Going down the listing below, print exactly each line from the one with "Revolve 7, solid, material" up to and including the one with "arc (1.7650874, -0.3416603)", and skip the rest.
Data for analysis: Begin
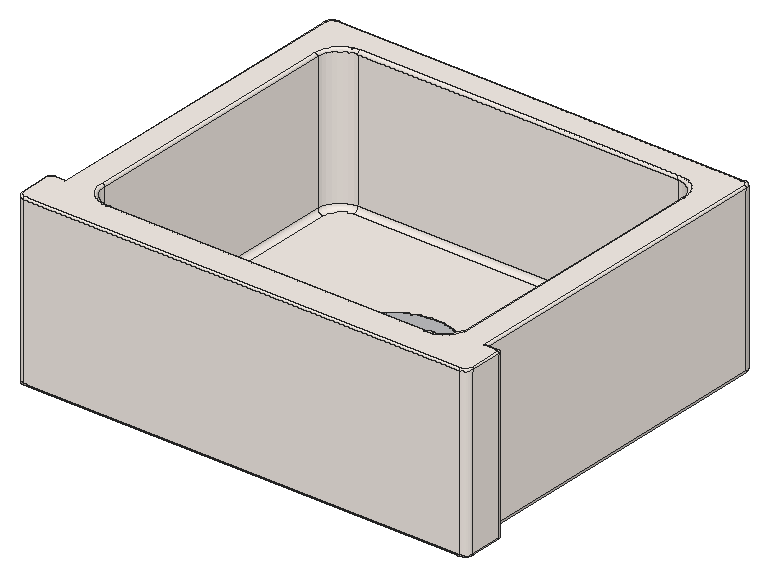
Revit family "Sink-Undermount_Kitchen-KALLISTA-Caillou-L39763-1", category Plumbing Fixtures, host Face, Revit 2022
Family settings
  Host = Face
  Round Connector Dimension = Use Diameter
  Part Type = Normal
  OmniClass Number = 23.31.13.00
  OmniClass Title = Sinks
  Cut with Voids When Loaded = No
  Maintain Annotation Orientation = No
  Shared = No
  Room Calculation Point = No
Parameters (values of type "CCV-Calacatta Viola")
  Width = 19 1/2"  # constant formula
  WaterSense Certified = 1 = 0  # no
  Waste Water Outlet = "Waste Water Outlet"  # constant formula
  Waste Connection = 1 = 1  # yes
  Vent Connection = 1 = 0  # no
  URL = "https://www.kallista.com/"
  Type = 1
  Product Page URL = ""
  Product Name = "Caillou"  # constant formula
  Product Documentation Link = ""
  Model = if(Type = 1, "L39763-00-CCV", if(Type = 2, "L39763-00-FWG", if(Type = 3, "L39763-00-MVV", if(Type = 4, "L39763-00-NM", if(Type = 5, "L39763-00-RM", if(Type = 6, "L39763-00-WH", "NA"))))))  # "L39763-00-CCV"
  Material = "Natural Stone"  # constant formula
  Master Format 2014 Name = "Residential Lavatories and Sinks"  # constant formula
  Master Format 2014 = "22 41 16"  # constant formula
  Manufacturer Address = "444 Highland Dr, Kohler, WI 53044"  # constant formula
  Manufacturer = "Kallista Co."  # constant formula
  Length = 23.48819"  # constant formula
  Hot Water Inlet = "Hot Water Inlet"  # constant formula
  Height = 9.75197"  # constant formula
  HW Connection = 1 = 0  # no
  Finish = KALLISTA-Stone-CCV-Calacatta_Viola
  Environmental Product Declaration = ""
  Drain Included = 1 = 0  # no
  Description = "24 Inch Entertainment Sink"  # constant formula
  Default Elevation = 36"
  Declare Label = ""
  Date Modified = "09/23/2025"  # constant formula
  Date Created = "09/23/2025"  # constant formula
  Copyright = "Copyright Kallista Co."  # constant formula
  Contact Us = "https://www.kallista.com/corporate/contact-us/"
  Cold Water Inlet = "Cold Water Inlet"  # constant formula
  CW Connection = 1 = 0  # no
  Assembly Code = "D2010400"
  ADA Compliant = 1 = 0  # no
Types (7): name | Type | Model | Finish
  (no name) | 1 | "L39763-00-CCV" | KALLISTA-Stone-CCV-Calacatta_Viola
  NM-Nero Marquina | 4 | "L39763-00-NM" | Kohler-Stone-NM-Nero_Marquina
  CCV-Calacatta Viola | 1 | "L39763-00-CCV" | KALLISTA-Stone-CCV-Calacatta_Viola
  FWG-Fusion Green Quartzite | 2 | "L39763-00-FWG" | KALLISTA-Stone-FWG-Fusion_Green_Quartzite
  MVV-Macchia Vecchia | 3 | "L39763-00-MVV" | KALLISTA-Stone-MVV-Macchia_Vecchia
  RM-Crema Marfil | 5 | "L39763-00-RM" | KALLISTA-Stone-RM-Crema_Marfil
  WH-White Carrara Marble | 6 | "L39763-00-WH" | KALLISTA-Stone-WH-White_Carrara_Marble
Reference planes (in)
  plane 1 "Center (Front/Back)": y = 0
  plane 2: z = 0
  plane 3 "Center (Left/Right)": x = 0
  plane 4: z = -1
  plane 5: y = -30.7755906
  plane 6: y = -48.0314961
  plane 7: y = -50.2755906
  plane 8: y = -40.5275591
  plane 9: y = -48.5526603
  plane 10: y = -32.3006918
  plane 11: z = -11.9583259
  plane 12: z = -9.7519685
  plane 13: x = -11.7440945
  plane 14: x = -10.9940945
  plane 15: x = -9.4940945
  plane 16: x = 9.4940945
  plane 17: x = 11.7440945
  plane 18: x = 10.9940945
Forms (in)
  Extrusion 1, void
    sketch origin (0, 0, 0) x (1, 0, 0) y (0, 1, 0)
      loop
        arc (-9.5137795, -47.0264062) -> (-9.8020603, -47.7223774) -> (-10.4980315, -48.0106581) r 0.984252
        line (-10.4980315, -48.0106581) -> (-14.7731298, -48.0106581) -> (-14.7731298, -48.7427356) -> (12.9232283, -48.7427356) -> (12.9232283, -48.0106581) -> (10.4743165, -48.0106581)
        arc (10.4743165, -48.0106581) -> (9.7783453, -47.7223774) -> (9.4900646, -47.0264062) r 0.984252
        line (9.4900646, -47.0264062) -> (9.4900646, -33.4806786)
        arc (9.4900646, -33.4806786) -> (9.1441277, -32.6455131) -> (8.3089622, -32.2995762) r 1.1811024
        line (8.3089622, -32.2995762) -> (-8.3326772, -32.2995762)
        arc (-8.3326772, -32.2995762) -> (-9.1678427, -32.6455131) -> (-9.5137795, -33.4806786) r 1.1811024
        line (-9.5137795, -33.4806786) -> (-9.5137795, -47.0264062)
    from -9.7519685 to 0
  Extrusion 2, void
    sketch origin (0, 0, 0) x (1, 0, 0) y (0, 1, 0)
      loop
        line (-11.0187008, -48.8188976) -> (11.0925197, -48.8188976) -> (11.0925197, -30.7669597) -> (-11.0187008, -30.7669597) -> (-11.0187008, -48.8188976)
    from -9.7519685 to -1
  Revolve 3, void
    sketch origin (0, 0, 0) x (0, 1, 0) y (0, 0, 1)
      loop
        line (-40.5275591, -8.6456693) -> (-43.6771654, -8.6456693) -> (-43.6771654, -12.1351818) -> (-40.5275591, -12.1351818) -> (-40.5275591, -8.6456693)
      axis (-40.5275591, -8.6456693) -> (-40.5275591, -12.1351818)
    angle from 0 to 360
Dimensions and locks (in)
  locked: level to plane 4 at 1
  plane 10 to plane 9 = 16.25197"
  "Width": plane 5 to plane 7
  "Height": level to plane 12
  level to plane 11 = 11.95833"
  level to plane 4 = 1"
  plane 14 to plane 18 = 21.98819"
  "Length": plane 13 to plane 17
  plane 15 to plane 16 = 18.98819"
  aligned and locked: plane 2 to host face
  aligned and locked: level to host face
  aligned and locked: plane 3 "Center (Left/Right)" to nested 1
  aligned and locked: plane 4 to nested 1
  aligned and locked: plane 14 to nested 1
  aligned and locked: plane 15 to nested 1
  aligned and locked: plane 18 to nested 1
  aligned and locked: plane 17 to nested 1
  aligned and locked: plane 16 to nested 1
Automatic sketch dimensions
  host sketch curve to host sketch curve = 96"  (x2)
  Extrusion 1 sketch curve to plane 9 = 0.19008"
  plane 6 to Extrusion 1 sketch curve = 0.02084"  (x2)
  plane 10 to Extrusion 1 sketch curve = 0.00112"
  plane 5 to Extrusion 2 sketch curve = 0.00863"
  Extrusion 2 sketch curve to plane 9 = 0.26624"
  Revolve 3 sketch curve to plane 8 = 0"  (x2)
  plane 12 to Revolve 3 sketch curve = 0"
  Revolve 3 sketch curve to plane 12 = 1.1063"
  Revolve 3 sketch curve to plane 8 = 3.14961"
  Revolve 3 sketch curve to plane 11 = 0.17686"
  Revolve 3 sketch curve to Revolve 3 sketch curve = 0.53734"
  Extrusion 1 sketch curve to plane 15 = 1.16142"
  plane 15 to Extrusion 1 sketch curve = 0.01969"
  Extrusion 1 sketch curve to plane 14 = 0.49606"
  plane 13 to Extrusion 1 sketch curve = 3.02904"
  plane 14 to Extrusion 2 sketch curve = 0.02461"
  plane 16 to Extrusion 1 sketch curve = 1.18513"
  plane 16 to Extrusion 1 sketch curve = 0.00403"
  plane 18 to Extrusion 1 sketch curve = 0.51978"
  Extrusion 1 sketch curve to plane 17 = 1.17913"
  Extrusion 2 sketch curve to plane 18 = 0.09843"
Nested families (in)
  nested 1: "L39763" at (0, -48.0314961, -9.7519685), type "L39743"
Connectors (in)
  piping at (0, -40.5275591, -11.9583259), diameter 1.5, driven by "Waste Connection", driven by "Waste Water Outlet"
    settings: on nested 1, index 1, connector inside diameter 24", connector length 0", flow factor 0, pipe flow 0 GPM, pressure drop 0.00 psi, fitting loss kfactor 0, connector angle 0.00°, fixture units 0, engagement length 0", angle of deflection 0.00°, flow configuration 0, flow direction 2, fitting loss method 0, system type 16, joint type 0, gender type 0, connector reference index -1, connector utility 1, adjustable connector no, is connector primary yes, connector description "Waste Water Outlet"
Definition of nested family "L39763"
  Parameters (values of type "L39763")
    Material = none
    Default Elevation = 0"
  Reference planes (in)
    plane 1 "Center (Front/Back)": y = 0
    plane 2: z = 0
    plane 3 "Center (Left/Right)": x = 0
    plane 4: x = 11.7440945
    plane 5: x = -11.7440945
    plane 6: y = -2.2440945
    plane 7: y = 17.2559055
    plane 8: x = -10.9940945
    plane 9: x = 10.9940945
    plane 10: x = 9.4940945
    plane 11: x = -9.4940945
    plane 12 "A": y = 7.503937
    plane 13: y = 15.7308043
    plane 14: y = -0.5211642
    plane 15: x = 1.8110236
    plane 16: x = -1.8110236
    plane 17: y = 5.6929134
    plane 18: y = 9.3149606
    plane 19: z = 8.7519685
    plane 20: z = 1.1062992
    plane 21: z = -2.2063574
    plane 22: x = -11
    plane 23: x = 11
    plane 24: x = 11.7440945
    plane 25: x = -11.7440945
  Forms (in)
    Sweep 1, solid, material <- "Material", detail levels medium+fine
      path origin (0, 0, 0) x (1, 0, 0) y (0, 1, 0)
        loop
          line (8.3129921, 15.7308043) -> (-8.3129921, 15.7308043)
          arc (-8.3129921, 15.7308043) -> (-9.1481576, 15.3848674) -> (-9.4940945, 14.5497019) r 1.1811024
          line (-9.4940945, 14.5497019) -> (-9.4940945, 0.6599382)
          arc (-9.4940945, 0.6599382) -> (-9.1481576, -0.1752273) -> (-8.3129921, -0.5211642) r 1.1811024
          line (-8.3129921, -0.5211642) -> (8.3129921, -0.5211642)
          arc (8.3129921, -0.5211642) -> (9.1481576, -0.1752273) -> (9.4940945, 0.6599382) r 1.1811024
          line (9.4940945, 0.6599382) -> (9.4940945, 14.5497019)
          arc (9.4940945, 14.5497019) -> (9.1481576, 15.3848674) -> (8.3129921, 15.7308043) r 1.1811024
      profile origin (0, 15.7308043, 0) x (0, -1, 0) y (0, 0, 1)
        loop
          line (0, 1.5471383) -> (0, 8.6133743)
          arc (0, 8.6133743) -> (-0.0405933, 8.7113752) -> (-0.1385942, 8.7519685) r 0.1385942
          line (-0.1385942, 8.7519685) -> (-0.3937008, 8.7519685) -> (-0.3937008, 1.1062992) -> (0.5905512, 1.1062992) -> (0.5905512, 1.2785433) -> (0.268595, 1.2785433)
          arc (0.268595, 1.2785433) -> (0.0786697, 1.357213) -> (0, 1.5471383) r 0.268595
    Sweep 2, solid, material <- "Material", detail levels medium+fine
      path origin (0, 0, 0) x (1, 0, 0) y (0, 1, 0)
        loop
          line (10.9940945, -0.5211642) -> (10.9940945, 16.8622047)
          arc (10.9940945, 16.8622047) -> (10.8787822, 17.1405932) -> (10.6003937, 17.2559055) r 0.3937008
          line (10.6003937, 17.2559055) -> (-10.6003937, 17.2559055)
          arc (-10.6003937, 17.2559055) -> (-10.8787822, 17.1405932) -> (-10.9940945, 16.8622047) r 0.3937008
          line (-10.9940945, 16.8622047) -> (-10.9940945, -0.5211642)
      profile origin (0, 17.2559055, 0) x (0, -1, 0) y (0, 0, 1)
        loop
          arc (0.1181102, 8.7519685) -> (0.0345937, 8.7173748) -> (0, 8.6338583) r 0.1181102
          line (0, 8.6338583) -> (0, 0.1181102)
          arc (0, 0.1181102) -> (0.0345937, 0.0345937) -> (0.1181102, 0) r 0.1181102
          line (0.1181102, 0) -> (0.3651166, 0) -> (0.3651166, 8.7519685) -> (0.1181102, 8.7519685)
    Extrusion 3, solid, material <- "Material", detail levels medium+fine
      sketch origin (0, 0, 0) x (1, 0, 0) y (0, 1, 0)
        loop
          arc (-8.3129921, 15.1402531) -> (-8.7305749, 14.9672847) -> (-8.9035433, 14.5497019) r 0.5905512
          line (-8.9035433, 14.5497019) -> (-8.9035433, 0.6599382)
          arc (-8.9035433, 0.6599382) -> (-8.7305749, 0.2423554) -> (-8.3129921, 0.069387) r 0.5905512
          line (-8.3129921, 0.069387) -> (8.3129921, 0.069387)
          arc (8.3129921, 0.069387) -> (8.7305749, 0.2423554) -> (8.9035433, 0.6599382) r 0.5905512
          line (8.9035433, 0.6599382) -> (8.9035433, 14.5497019)
          arc (8.9035433, 14.5497019) -> (8.7305749, 14.9672847) -> (8.3129921, 15.1402531) r 0.5905512
          line (8.3129921, 15.1402531) -> (-8.3129921, 15.1402531)
      from 1.1062992 to 1.2785433
    Sweep 4, solid, material <- "Material", detail levels medium+fine
      path origin (0, 0, 0) x (1, 0, 0) y (0, 1, 0)
        loop
          line (10.6289779, 0) -> (11.5472441, 0)
          arc (11.5472441, 0) -> (11.6864383, -0.0576561) -> (11.7440945, -0.1968504) r 0.1968504
          line (11.7440945, -0.1968504) -> (11.7440945, -1.8503937)
          arc (11.7440945, -1.8503937) -> (11.6287822, -2.1287822) -> (11.3503937, -2.2440945) r 0.3937008
          line (11.3503937, -2.2440945) -> (-11.3503937, -2.2440945)
          arc (-11.3503937, -2.2440945) -> (-11.6287822, -2.1287822) -> (-11.7440945, -1.8503937) r 0.3937008
          line (-11.7440945, -1.8503937) -> (-11.7440945, -0.1968504)
          arc (-11.7440945, -0.1968504) -> (-11.6864383, -0.0576561) -> (-11.5472441, 0) r 0.1968504
          line (-11.5472441, 0) -> (-10.6289779, 0)
      profile origin (0, -2.2440945, 0) x (0, -1, 0) y (0, 0, 1)
        loop
          arc (-0.0787402, 0) -> (-0.0230625, 0.0230625) -> (0, 0.0787402) r 0.0787402
          line (0, 0.0787402) -> (0, 8.6732283)
          arc (0, 8.6732283) -> (-0.0230625, 8.728906) -> (-0.0787402, 8.7519685) r 0.0787402
          line (-0.0787402, 8.7519685) -> (-0.1698934, 8.7519685) -> (-0.1698934, 0) -> (-0.0787402, 0)
    Extrusion 5, solid, material <- "Material", detail levels medium+fine
      sketch origin (0, 0, 0) x (1, 0, 0) y (0, 1, 0)
        loop
          arc (-10.6003937, 16.8907889) -> (-10.6206058, 16.8824168) -> (-10.6289779, 16.8622047) r 0.0285842
          line (-10.6289779, 16.8622047) -> (-10.6289779, -0.5211642) -> (-10.8759843, -0.5211642) -> (-10.8759843, -0.1698934) -> (-11.5472441, -0.1698934)
          arc (-11.5472441, -0.1698934) -> (-11.5663055, -0.1777889) -> (-11.5742011, -0.1968504) r 0.026957
          line (-11.5742011, -0.1968504) -> (-11.5742011, -1.8503937)
          arc (-11.5742011, -1.8503937) -> (-11.5086494, -2.0086494) -> (-11.3503937, -2.0742011) r 0.2238074
          line (-11.3503937, -2.0742011) -> (11.3503937, -2.0742011)
          arc (11.3503937, -2.0742011) -> (11.5086494, -2.0086494) -> (11.5742011, -1.8503937) r 0.2238074
          line (11.5742011, -1.8503937) -> (11.5742011, -0.1968504)
          arc (11.5742011, -0.1968504) -> (11.5663055, -0.1777889) -> (11.5472441, -0.1698934) r 0.026957
          line (11.5472441, -0.1698934) -> (10.8759843, -0.1698934) -> (10.8759843, -0.5211642) -> (10.6289779, -0.5211642) -> (10.6289779, 16.8622047)
          arc (10.6289779, 16.8622047) -> (10.6206058, 16.8824168) -> (10.6003937, 16.8907889) r 0.0285842
          line (10.6003937, 16.8907889) -> (-10.6003937, 16.8907889)
        loop
          line (-8.3129921, -0.914865) -> (8.3129921, -0.914865)
          arc (8.3129921, -0.914865) -> (9.4265461, -0.4536158) -> (9.8877953, 0.6599382) r 1.5748031
          line (9.8877953, 0.6599382) -> (9.8877953, 14.5497019)
          arc (9.8877953, 14.5497019) -> (9.4265461, 15.6632559) -> (8.3129921, 16.1245051) r 1.5748031
          line (8.3129921, 16.1245051) -> (-8.3129921, 16.1245051)
          arc (-8.3129921, 16.1245051) -> (-9.4265461, 15.6632559) -> (-9.8877953, 14.5497019) r 1.5748031
          line (-9.8877953, 14.5497019) -> (-9.8877953, 0.6599382)
          arc (-9.8877953, 0.6599382) -> (-9.4265461, -0.4536158) -> (-8.3129921, -0.914865) r 1.5748031
      from 0 to 8.7519685
    Extrusion 6, solid, material <- "Material", detail levels medium+fine
      sketch origin (0, 0, 0) x (1, 0, 0) y (0, 1, 0)
        loop
          line (-8.3129921, -0.914865) -> (8.3129921, -0.914865)
          arc (8.3129921, -0.914865) -> (9.4265461, -0.4536158) -> (9.8877953, 0.6599382) r 1.5748031
          line (9.8877953, 0.6599382) -> (9.8877953, 14.5497019)
          arc (9.8877953, 14.5497019) -> (9.4265461, 15.6632559) -> (8.3129921, 16.1245051) r 1.5748031
          line (8.3129921, 16.1245051) -> (-8.3129921, 16.1245051)
          arc (-8.3129921, 16.1245051) -> (-9.4265461, 15.6632559) -> (-9.8877953, 14.5497019) r 1.5748031
          line (-9.8877953, 14.5497019) -> (-9.8877953, 0.6599382)
          arc (-9.8877953, 0.6599382) -> (-9.4265461, -0.4536158) -> (-8.3129921, -0.914865) r 1.5748031
      from 0 to 0.5373408
    Revolve 7, solid, material <- "Material", detail levels medium+fine
      sketch origin (0, 7.503937, 0) x (1, 0, 0) y (0, 0, 1)
        loop
          line (0.6758748, -2.2053542) -> (0.906273, -2.2053542) -> (1.0695756, -1.9225057) -> (1.0695756, -1.612118) -> (0.9470057, -1.612118) -> (0.8847545, -1.5761772) -> (0.9348126, -1.5411262) -> (0.9348126, -1.5090595) -> (0.8957951, -1.4865328) -> (0.9348126, -1.4592125) -> (0.9348126, -1.2388652)
          arc (0.9348126, -1.2388652) -> (1.0060126, -1.0130477) -> (1.1938598, -0.8689075) r 0.3937008
          line (1.1938598, -0.8689075) -> (1.5516942, -0.7386664)
          arc (1.5516942, -0.7386664) -> (1.613819, -0.6909963) -> (1.6373662, -0.616314) r 0.1302047
          line (1.6373662, -0.616314) -> (1.6373662, -0.5762537) -> (1.7650874, -0.5762537) -> (1.7650874, -0.3416603)
          arc (1.7650874, -0.3416603) -> (1.7845158, -0.2928242) -> (1.8321822, -0.2706804) r 0.0710924
          line (1.8321822, -0.2706804) -> (2.1955228, -0.2502174)
          arc (2.1955228, -0.2502174) -> (2.2342252, -0.2322379) -> (2.25, -0.1925857) r 0.057723
          line (2.25, -0.1925857) -> (2.25, 0.0389589) -> (0.6758748, 0.0389589) -> (0.6758748, -2.2053542)
        axis (0, -2.2053542) -> (0, 0.0389589)
      angle from 0 to 360
    Revolve 8, void
      sketch origin (0, 7.503937, 0) x (1, 0, 0) y (0, 0, 1)
        loop
          line (0, 1.6019003) -> (0, -1.9838095) -> (0.5759468, -1.9838095) -> (0.6366445, -1.2900318)
          arc (0.6366445, -1.2900318) -> (0.6540755, -1.2024003) -> (0.6900602, -1.1206187) r 0.410356
          line (0.6900602, -1.1206187) -> (0.8106851, -0.9116902)
          arc (0.8106851, -0.9116902) -> (0.8481144, -0.8660767) -> (0.8982154, -0.8349089) r 0.1811802
          line (0.8982154, -0.8349089) -> (1.4337184, -0.6129396)
          arc (1.4337184, -0.6129396) -> (1.4980621, -0.560114) -> (1.5222235, -0.4804466) r 0.1434243
          line (1.5222235, -0.4804466) -> (1.5222235, 0.14364)
          arc (1.5222235, 0.14364) -> (1.6375358, 0.4220285) -> (1.9159243, 0.5373408) r 0.3937008
          line (1.9159243, 0.5373408) -> (2.2644412, 0.5373408)
          arc (2.2644412, 0.5373408) -> (2.3994903, 0.5909717) -> (2.4609525, 0.7226414) r 0.1968504
          arc (2.4609525, 0.7226414) -> (2.6453391, 1.1176506) -> (3.0504863, 1.2785433) r 0.5905512
          line (3.0504863, 1.2785433) -> (3.447414, 1.2785433) -> (3.447414, 1.6019003) -> (0, 1.6019003)
        axis (0, -1.9838095) -> (0, 1.6019003)
      angle from 0 to 360
    Revolve 9, solid, detail levels medium+fine
      sketch origin (0, 7.503937, 0) x (1, 0, 0) y (0, 0, 1)
        loop
          line (0, 1.6776232) -> (0, -2.2063574) -> (0.2090901, -2.2063574) -> (0.2090901, -1.3000942) -> (0.4059405, -1.3000942)
          arc (0.4059405, -1.3000942) -> (0.5451348, -1.2424381) -> (0.6027909, -1.1032439) r 0.1968504
          line (0.6027909, -1.1032439) -> (0.6027909, -0.7731041)
          arc (0.6027909, -0.7731041) -> (0.6604471, -0.6339099) -> (0.7996413, -0.5762537) r 0.1968504
          line (0.7996413, -0.5762537) -> (0.9964917, -0.5762537)
          arc (0.9964917, -0.5762537) -> (1.2748802, -0.4609414) -> (1.3901925, -0.1825529) r 0.3937008
          line (1.3901925, -0.1825529) -> (1.3901925, 0.5373408) -> (1.3901925, 0.8326164)
          arc (1.3901925, 0.8326164) -> (1.5055048, 1.1110049) -> (1.7838933, 1.2263172) r 0.3937008
          line (1.7838933, 1.2263172) -> (2.9185481, 1.2263172)
          arc (2.9185481, 1.2263172) -> (3.0291632, 1.3285756) -> (2.935891, 1.4468667) r 0.1109566
          arc (2.935891, 1.4468667) -> (1.472477, 1.6198987) -> (0, 1.6776232) r 18.774538
        axis (0, 1.6776232) -> (0, -2.2063574)
      angle from 0 to 360
    Extrusion 10, solid, material <- "Material", detail levels medium+fine
      sketch origin (0, 0, 0) x (1, 0, 0) y (0, 1, 0)
        loop
          line (-1.3397642, 6.3547785) -> (-1.4015758, 6.2929669)
          arc (-1.4015758, 6.2929669) -> (-1.4015758, 6.0935003) -> (-1.2021091, 6.0935003) r 0.1410442
          line (-1.2021091, 6.0935003) -> (-1.1395872, 6.1560222)
          arc (-1.1395872, 6.1560222) -> (-1.2436526, 6.251395) -> (-1.3397642, 6.3547785) r 1.7650874
        loop
          line (-0.1410451, 5.744494) -> (-0.1413564, 5.6570798)
          arc (-0.1413564, 5.6570798) -> (-0.0008154, 5.5155342) -> (0.1407303, 5.6560752) r 0.1410442
          line (0.1407303, 5.6560752) -> (0.1410451, 5.744494)
          arc (0.1410451, 5.744494) -> (0, 5.7388496) -> (-0.1410451, 5.744494) r 1.7650874
        loop
          line (1.140992, 6.1572111) -> (1.2024266, 6.0950249)
          arc (1.2024266, 6.0950249) -> (1.4018896, 6.0938122) -> (1.4031023, 6.2932752) r 0.1410442
          line (1.4031023, 6.2932752) -> (1.3409617, 6.356176)
          arc (1.3409617, 6.356176) -> (1.2449579, 6.2526924) -> (1.140992, 6.1572111) r 1.7650874
        loop
          line (1.759443, 7.3628919) -> (1.8468572, 7.3625806)
          arc (1.8468572, 7.3625806) -> (1.9884028, 7.5031216) -> (1.8478618, 7.6446673) r 0.1410442
          line (1.8478618, 7.6446673) -> (1.759443, 7.6449821)
          arc (1.759443, 7.6449821) -> (1.7650874, 7.503937) -> (1.759443, 7.3628919) r 1.7650874
        loop
          arc (-1.759443, 7.3628919) -> (-1.7650874, 7.503937) -> (-1.759443, 7.6449821) r 1.7650874
          line (-1.759443, 7.6449821) -> (-1.8478618, 7.6446673)
          arc (-1.8478618, 7.6446673) -> (-1.9884028, 7.5031216) -> (-1.8468572, 7.3625806) r 0.1410442
          line (-1.8468572, 7.3625806) -> (-1.759443, 7.3628919)
        loop
          arc (-1.3397642, 8.6530955) -> (-1.2436526, 8.756479) -> (-1.1395872, 8.8518519) r 1.7650874
          line (-1.1395872, 8.8518519) -> (-1.2021091, 8.9143738)
          arc (-1.2021091, 8.9143738) -> (-1.4015758, 8.9143738) -> (-1.4015758, 8.7149071) r 0.1410442
          line (-1.4015758, 8.7149071) -> (-1.3397642, 8.6530955)
        loop
          arc (-0.1410451, 9.26338) -> (0, 9.2690244) -> (0.1410451, 9.26338) r 1.7650874
          line (0.1410451, 9.26338) -> (0.1407303, 9.3517988)
          arc (0.1407303, 9.3517988) -> (-0.0008154, 9.4923398) -> (-0.1413564, 9.3507942) r 0.1410442
          line (-0.1413564, 9.3507942) -> (-0.1410451, 9.26338)
        loop
          arc (1.140992, 8.8506629) -> (1.2449579, 8.7551817) -> (1.3409617, 8.651698) r 1.7650874
          line (1.3409617, 8.651698) -> (1.4031023, 8.7145988)
          arc (1.4031023, 8.7145988) -> (1.4018896, 8.9140618) -> (1.2024266, 8.9128491) r 0.1410442
          line (1.2024266, 8.9128491) -> (1.140992, 8.8506629)
      from 0 to -0.5762537
    Extrusion 11, solid, material <- "Material", detail levels coarse
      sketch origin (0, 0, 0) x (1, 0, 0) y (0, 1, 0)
Data for analysis: End
* Solved problem:
    Revolve 7, solid, material <- "Material", detail levels medium+fine
      sketch origin (0, 7.503937, 0) x (1, 0, 0) y (0, 0, 1)
        loop
          line (0.6758748, -2.2053542) -> (0.906273, -2.2053542) -> (1.0695756, -1.9225057) -> (1.0695756, -1.612118) -> (0.9470057, -1.612118) -> (0.8847545, -1.5761772) -> (0.9348126, -1.5411262) -> (0.9348126, -1.5090595) -> (0.8957951, -1.4865328) -> (0.9348126, -1.4592125) -> (0.9348126, -1.2388652)
          arc (0.9348126, -1.2388652) -> (1.0060126, -1.0130477) -> (1.1938598, -0.8689075) r 0.3937008
          line (1.1938598, -0.8689075) -> (1.5516942, -0.7386664)
          arc (1.5516942, -0.7386664) -> (1.613819, -0.6909963) -> (1.6373662, -0.616314) r 0.1302047
          line (1.6373662, -0.616314) -> (1.6373662, -0.5762537) -> (1.7650874, -0.5762537) -> (1.7650874, -0.3416603)
          arc (1.7650874, -0.3416603) -> (1.7845158, -0.2928242) -> (1.8321822, -0.2706804) r 0.0710924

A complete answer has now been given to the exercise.